Start of Dataset content
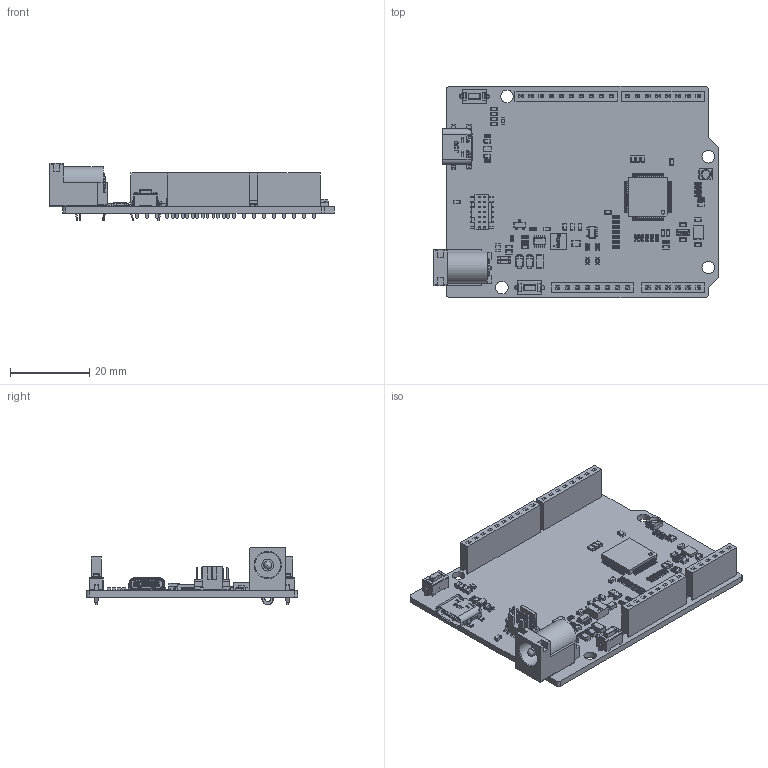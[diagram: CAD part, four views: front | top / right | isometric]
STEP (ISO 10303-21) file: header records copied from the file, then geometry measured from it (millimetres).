
FILE_DESCRIPTION(('Open CASCADE Model'),'2;1');
FILE_NAME('Open CASCADE Shape Model','2024-12-13T21:02:22',('Author'),( 'Open CASCADE'),'Open CASCADE STEP processor 7.5','Open CASCADE 7.5' ,'Unknown');
FILE_SCHEMA(('AUTOMOTIVE_DESIGN { 1 0 10303 214 1 1 1 1 }'));
Length unit declared in the file: millimetre
Products named in the file (196): PCB; Board; Open CASCADE STEP translator 7.5 1.1.1; X2; RH100-16.000-9-1010-EXT-TR; Body; Pins; X1; QUARTZ_SC-32S_V2 v7; U2; SOT25; CPD; LDF; U3; LQFP64_10X10_P050; U1; 1101752224; Open CASCADE STEP translator 7.5 11.1.1; Leader; SW2; PTS636SL43LFS; PTS636SL43LFS_PART10; PTS636SL43LFS_PART9; PTS636SL43LFS_PART8; PTS636SL43LFS_PART7; PTS636SL43LFS_PART6; PTS636SL43LFS_PART5; PTS636SL43LFS_PART4; PTS636SL43LFS_PART3; PTS636SL43LFS_PART2; PTS636SL43LFS_PART1; SW1; R24; R0603; R23; R22; R20; R4; R6; R5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
Assembly tree (281 placements, depth 5):
  PCB
    Board
      Open CASCADE STEP translator 7.5 1.1.1
    X2
      RH100-16.000-9-1010-EXT-TR
        Body
        Pins
    X1
      QUARTZ_SC-32S_V2 v7
    U2
      SOT25
        CPD
        LDF
    U3
      LQFP64_10X10_P050
    U1
      1101752224
        Body
          Open CASCADE STEP translator 7.5 11.1.1
        Leader  x6
    SW2
      PTS636SL43LFS
        PTS636SL43LFS_PART10
        PTS636SL43LFS_PART9
        PTS636SL43LFS_PART8
        PTS636SL43LFS_PART7
        PTS636SL43LFS_PART6
        PTS636SL43LFS_PART5
        PTS636SL43LFS_PART4
        PTS636SL43LFS_PART3
        PTS636SL43LFS_PART2
        PTS636SL43LFS_PART1
    SW1
      PTS636SL43LFS
        PTS636SL43LFS_PART10
        PTS636SL43LFS_PART9
        PTS636SL43LFS_PART8
        PTS636SL43LFS_PART7
        PTS636SL43LFS_PART6
        PTS636SL43LFS_PART5
        PTS636SL43LFS_PART4
        PTS636SL43LFS_PART3
        PTS636SL43LFS_PART2
        PTS636SL43LFS_PART1
    R24
      R0603
    R23
      R0603
    R22
      R0603
    R20
      R0603
    R4
      R0603
    R6
      R0603
    R5
      R0603
    R2
      R0603
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Bounding box: 71.82 x 53.34 x 14.5 mm (x, y, z)
Volume: 8591.7 mm3; surface area: 16115 mm2
Topology: 324 solids, 326 shells, 9255 faces, 23553 edges, 14855 vertices
Faces by surface type: plane 5796, cylinder 1702, bspline 1264, sphere 327, extrusion 80, torus 63, cone 23
Full cylindrical faces by diameter (mm): 0.05 x58, 0.08 x2, 0.3 x1, 0.5 x2, 0.65 x2, 0.8 x5, 1.02 x32, 1.2 x4, 1.25 x1, 1.4 x2, 2 x1, 3 x1, 3.174 x4, 6.5 x1
Entity records: 162355 total; most frequent: CARTESIAN_POINT 34052, ORIENTED_EDGE 22793, DIRECTION 21451, EDGE_CURVE 11397, VECTOR 8601, LINE 8579, VERTEX_POINT 7270, AXIS2_PLACEMENT_3D 6425
End of Dataset content
▶ _Requirement_: Copy down each line in the entries that has the word "records".

▶ _Response_:
STEP (ISO 10303-21) file: header records copied from the file, then geometry measured from it (millimetres).
Entity records: 162355 total; most frequent: CARTESIAN_POINT 34052, ORIENTED_EDGE 22793, DIRECTION 21451, EDGE_CURVE 11397, VECTOR 8601, LINE 8579, VERTEX_POINT 7270, AXIS2_PLACEMENT_3D 6425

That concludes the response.